Identification of m7G Related Patterns by Consensus Clustering
We categorized the TCGA cohort into distinct patterns with consensus clustering on the basis of the expression of the 11 hub genes (Fig. 9A). According to CDF and delta area, we divided the cohort into C1 and C2 groups (Fig. 9B, C). The result of 3dPCA revealed a substantial difference distribution in two patterns (Fig. 9D). The Sankey diagram showed that most samples of C1 belonged to the high-risk group, indicating a worse prognosis (Fig. 9E).
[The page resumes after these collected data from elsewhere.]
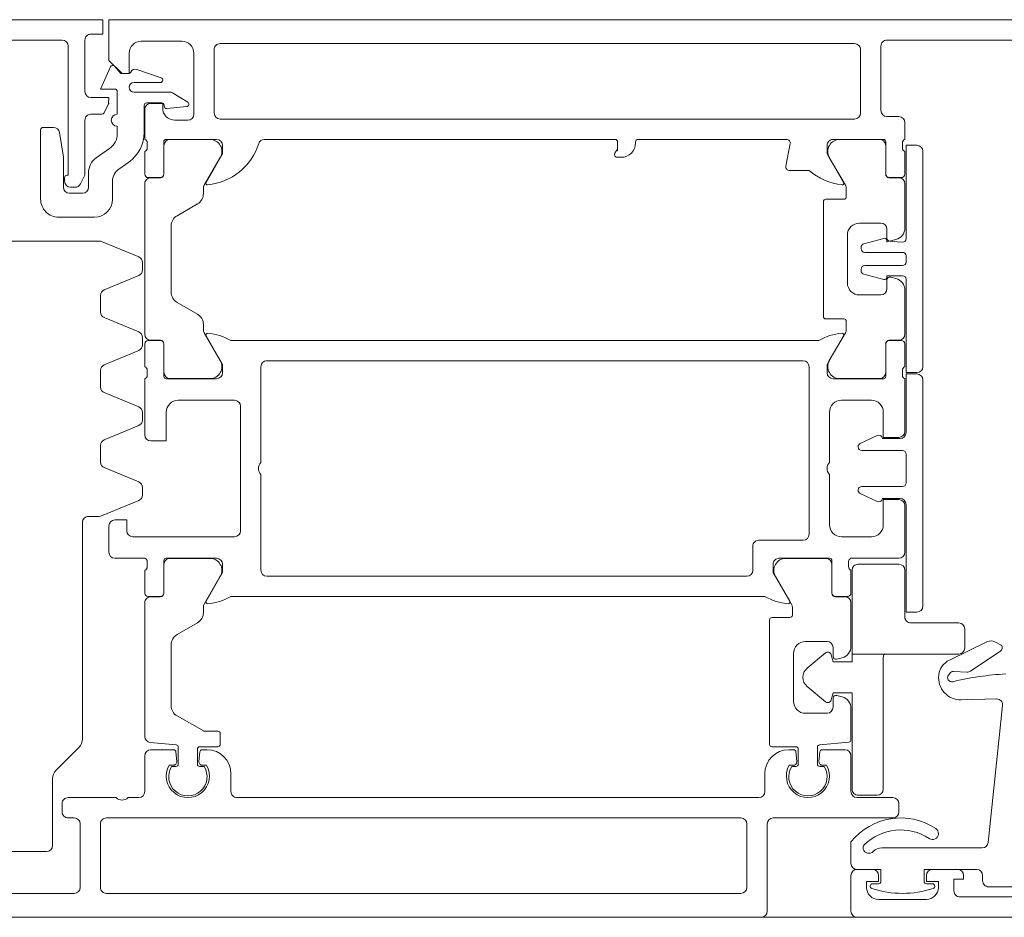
# Model space of a CAD drawing. Header units: centimetres. Extents: x -1316 to 21770, y -8842 to 3590.
# Tile 33 of 125: x 475.23 to 483.46, y 1012.48 to 1019.98. Entities that reach past the tile are written whole.
import ezdxf

# ---------------------------------------------------------------- set-up
doc = ezdxf.new("R2010")
doc.units = ezdxf.units.CM
doc.layers.add('A-DETL-GENF', color=92, linetype='Continuous', lineweight=9)
doc.layers.add('A-DOOR', color=31, linetype='Continuous', lineweight=13)

# ---------------------------------------------------------------- blocks, each defined once
blk = doc.blocks.new('Schueco_FWS_ADS-75-SimplySmart_inw_Family-02 - FWS SI insert unit 90-2368450-5_piętro III __10_50 m_ - stan projektowany')
at = {"layer": 'A-DETL-GENF'}
blk.add_line((74.6, 0.9), (-74.6, 0.9), dxfattribs=at)
at = {"layer": 'A-DOOR'}
for p, q in [((-68.35, 0.9), (-74.5, 0.9)), ((-68.3, 0.55), (-68.3, 0.85)), ((-67.6, 0.85), (-67.6, 0.12)), ((-58.95, 0.9), (-67.55, 0.9)), ((-68.93, 0.75), (-68.53, 0.75)), ((-70.5, 0.73), (-69.21, 0.73)), ((-67.38, 0.7), (-62.08, 0.7)), ((-61.81, 0.7), (-59.81, 0.7)), ((-69.45, 0.645), (-70.3, 0.645)), ((-69.4, 0.55), (-69.4, 0.595)), ((-68.98, 0.62), (-68.93, 0.62)), ((-68.53, 0.62), (-68.48, 0.62)), ((-67.43, 0.12), (-67.43, 0.65)), ((-62.03, 0.65), (-62.03, 0.12)), ((-61.86, 0.12), (-61.86, 0.65)), ((-69.19, 0.5), (-68.98, 0.5)), ((-68.48, 0.5), (-68.35, 0.5)), ((-68.3, 0.27), (-68.3, 0.45)), ((-61.18, 0.35), (-61.58, 0.35)), ((-69.5668, -0.8688), (-69.4466, 0.2752)), ((-69.3968, 0.32), (-68.5571, 0.32)), ((-61.63, 0.3), (-61.63, -0.2586)), ((-68.7, 0.02), (-68.7, -0.05)), ((-67.65, 0.07), (-68.65, 0.07)), ((-62.08, 0.07), (-67.38, 0.07)), ((-61.76, 0.07), (-61.81, 0.07)), ((-61.71, -0.05), (-61.71, 0.02)), ((-68.65, -0.1), (-68.35, -0.1)), ((-68.3, -0.15), (-68.3, -0.45)), ((-67.58, -0.3), (-67.58, -0.15)), ((-67.53, -0.1), (-63.17, -0.1)), ((-63.12, -0.15), (-63.12, -0.3)), ((-62.4, -0.45), (-62.4, -0.15)), ((-62.35, -0.1), (-62.26, -0.1)), ((-62.16, -0.1), (-61.76, -0.1)), ((-68.0625, -0.37), (-68.0959, -0.37)), ((-68.04, -0.36), (-68.0756, -0.36)), ((-68.0395, -0.4817), (-68.0326, -0.4026)), ((-68.02, -0.5217), (-68.02, -0.38)), ((-67.86, -0.38), (-67.86, -0.505)), ((-67.8474, -0.4026), (-67.8405, -0.4817)), ((-67.8044, -0.36), (-67.84, -0.36)), ((-67.7841, -0.37), (-67.8175, -0.37)), ((-62.8825, -0.37), (-62.9159, -0.37)), ((-62.8956, -0.36), (-62.86, -0.36)), ((-62.8595, -0.4817), (-62.8526, -0.4026)), ((-62.84, -0.38), (-62.84, -0.505)), ((-62.68, -0.5217), (-62.68, -0.38)), ((-62.6674, -0.4026), (-62.6605, -0.4817)), ((-62.66, -0.36), (-62.6244, -0.36)), ((-62.6041, -0.37), (-62.6375, -0.37)), ((-61.6593, -0.3293), (-61.8507, -0.5207)), ((-68.2817, -0.5629), (-68.0383, -0.5416)), ((-68.25, -0.5), (-68.0595, -0.5)), ((-67.84, -0.525), (-67.64, -0.525)), ((-67.8205, -0.5), (-67.78, -0.5)), ((-67.62, -0.545), (-67.62, -1.585)), ((-63.03, -0.545), (-63.03, -0.635)), ((-62.86, -0.525), (-63.01, -0.525)), ((-62.92, -0.5), (-62.8795, -0.5)), ((-62.4456, -0.5605), (-62.6617, -0.5416)), ((-62.6405, -0.5), (-62.45, -0.5)), ((-68.3, -0.8457), (-68.3, -0.5828)), ((-62.4, -1.729), (-62.4, -0.6103)), ((-61.88, -0.5914), (-61.88, -2.4)), ((-67.92, -0.805), (-68.1, -0.805)), ((-68.15, -0.855), (-68.15, -0.93)), ((-62.62, -0.8686), (-62.62, -1.3755)), ((-69.2213, -0.9169), (-69.5159, -0.9241)), ((-68.1815, -0.9541), (-68.2259, -0.9422)), ((-67.82, -1.305), (-67.82, -0.905)), ((-69.1588, -1.1538), (-69.2689, -1.148)), ((-69.1139, -1.1235), (-69.1247, -1.1379)), ((-69.2995, -1.1565), (-69.5506, -1.3259)), ((-69.436, -1.4019), (-69.1219, -1.2487)), ((-68.2259, -1.2678), (-68.1815, -1.2559)), ((-68.15, -1.28), (-68.15, -1.355)), ((-69.5479, -1.3772), (-69.5061, -1.3995)), ((-68.3, -1.729), (-68.3, -1.3643)), ((-68.1, -1.405), (-67.92, -1.405)), ((-62.67, -1.4621), (-62.84, -1.5602)), ((-67.81, -1.625), (-67.81, -1.6915)), ((-67.64, -1.605), (-67.79, -1.605)), ((-68.9, -3.59), (-68.9, -1.7)), ((-67.8033, -1.7165), (-67.6691, -1.949)), ((-62.8967, -1.7165), (-63.0309, -1.949)), ((-62.89, -1.6469), (-62.89, -1.6915)), ((-68.171, -1.78), (-68.27, -1.78)), ((-68.17, -1.779), (-68.25, -1.779)), ((-68.14, -2.049), (-68.14, -1.809)), ((-63.12, -1.78), (-67.58, -1.78)), ((-62.56, -2.049), (-62.56, -1.809)), ((-62.53, -1.779), (-62.45, -1.779)), ((-62.43, -1.78), (-62.529, -1.78)), ((-68.3, -1.81), (-68.3, -2)), ((-68.141, -2.08), (-68.141, -1.81)), ((-62.559, -1.81), (-62.559, -2.08)), ((-62.4, -2), (-62.4, -1.81)), ((-67.43, -1.95), (-63.42, -1.95)), ((-68.28, -2.0283), (-68.28, -2.0717)), ((-67.48, -2.2), (-67.48, -2)), ((-63.37, -2), (-63.37, -2.8)), ((-62.42, -2.0717), (-62.42, -2.0283)), ((-68.3, -2.1), (-68.7, -2.1)), ((-67.7, -2.1), (-68.121, -2.1)), ((-67.7557, -2.099), (-68.09, -2.099)), ((-62.579, -2.1), (-63, -2.1)), ((-62.9443, -2.099), (-62.61, -2.099)), ((-62.15, -2.1), (-62.4, -2.1)), ((-68.75, -2.15), (-68.75, -2.54)), ((-62.1, -2.37), (-62.1, -2.15)), ((-68.47, -2.28), (-68.22, -2.28)), ((-67.95, -3.7), (-67.95, -2.3)), ((-67.9, -2.25), (-67.53, -2.25)), ((-63.15, -2.28), (-62.3, -2.28)), ((-68.12, -2.38), (-68.12, -2.8)), ((-63.2, -3.37), (-63.2, -2.33)), ((-62.0392, -2.4538), (-62.3491, -2.5822)), ((-61.93, -2.45), (-62.0201, -2.45)), ((-68.71, -2.6), (-68.56, -2.6)), ((-68.5194, -2.5739), (-68.3773, -2.6402)), ((-62.38, -2.6284), (-62.38, -2.6916)), ((-68.39, -2.7), (-68.73, -2.7)), ((-68.36, -2.6674), (-68.36, -2.67)), ((-68.76, -2.73), (-68.76, -2.97)), ((-62.3491, -2.7378), (-62.0609, -2.8572)), ((-68.12, -2.9), (-68.12, -3.32)), ((-63.37, -2.9), (-63.37, -3.7)), ((-62.03, -2.9034), (-62.03, -3.0433)), ((-68.73, -3), (-68.39, -3)), ((-68.36, -3.03), (-68.36, -3.0326)), ((-68.56, -3.1), (-68.71, -3.1)), ((-68.3773, -3.0598), (-68.5194, -3.1261)), ((-62.0609, -3.0895), (-62.3491, -3.2089)), ((-68.75, -3.16), (-68.75, -3.6)), ((-62.4, -3.6), (-62.4, -3.13)), ((-62.38, -3.2551), (-62.38, -3.3182)), ((-62.3491, -3.3644), (-62.0609, -3.4838)), ((-68.22, -3.42), (-68.47, -3.42)), ((-62.68, -3.42), (-63.15, -3.42)), ((-62.03, -3.53), (-62.03, -3.67)), ((-68.571, -3.6), (-68.15, -3.6)), ((-68.54, -3.601), (-68.2057, -3.601)), ((-63, -3.6), (-62.579, -3.6)), ((-62.61, -3.601), (-62.9443, -3.601)), ((-68.9, -5.5007), (-68.9, -3.7007)), ((-68.75, -3.7), (-68.75, -3.89)), ((-68.73, -3.6283), (-68.73, -3.6717)), ((-68.591, -3.89), (-68.591, -3.62)), ((-68.59, -3.891), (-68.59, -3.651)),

Kaplan-Meier curves also found that the survival rate of the C1 group was significantly lower than that of the C2 group (Fig. 9F).
Tumor Immune Microenvironment of m7G Related Patterns
To discover the TME difference among the two patterns, we evaluated the TME score and found that C1 group have higher estimate score, immune score and tumor purity, but lower stromal score (Fig. 10A). We also looked at tumor-infiltrating immune cells and found that T cells, macrophages and DC cells were upregulated in C1 (Fig. 10B). Multiple immune functions were significantly higher in the C1 group than in the C2 group, similar to the M7G-related signature (Fig. 10C). The immune cell heatmap based on various algorithms showed that the level of immune cells in the C1 group was significantly higher than in the C2 group (Figure S2B). We further explore the HLA expression and BCa related immune checkpoint. The result showed the level of multiple HLA in C1 group was higher than C2 (Fig. 10D) and some checkpoint like PD-1, PD-L1, PD-L2 and TIGIT were higher in C1 group (Fig. 10E).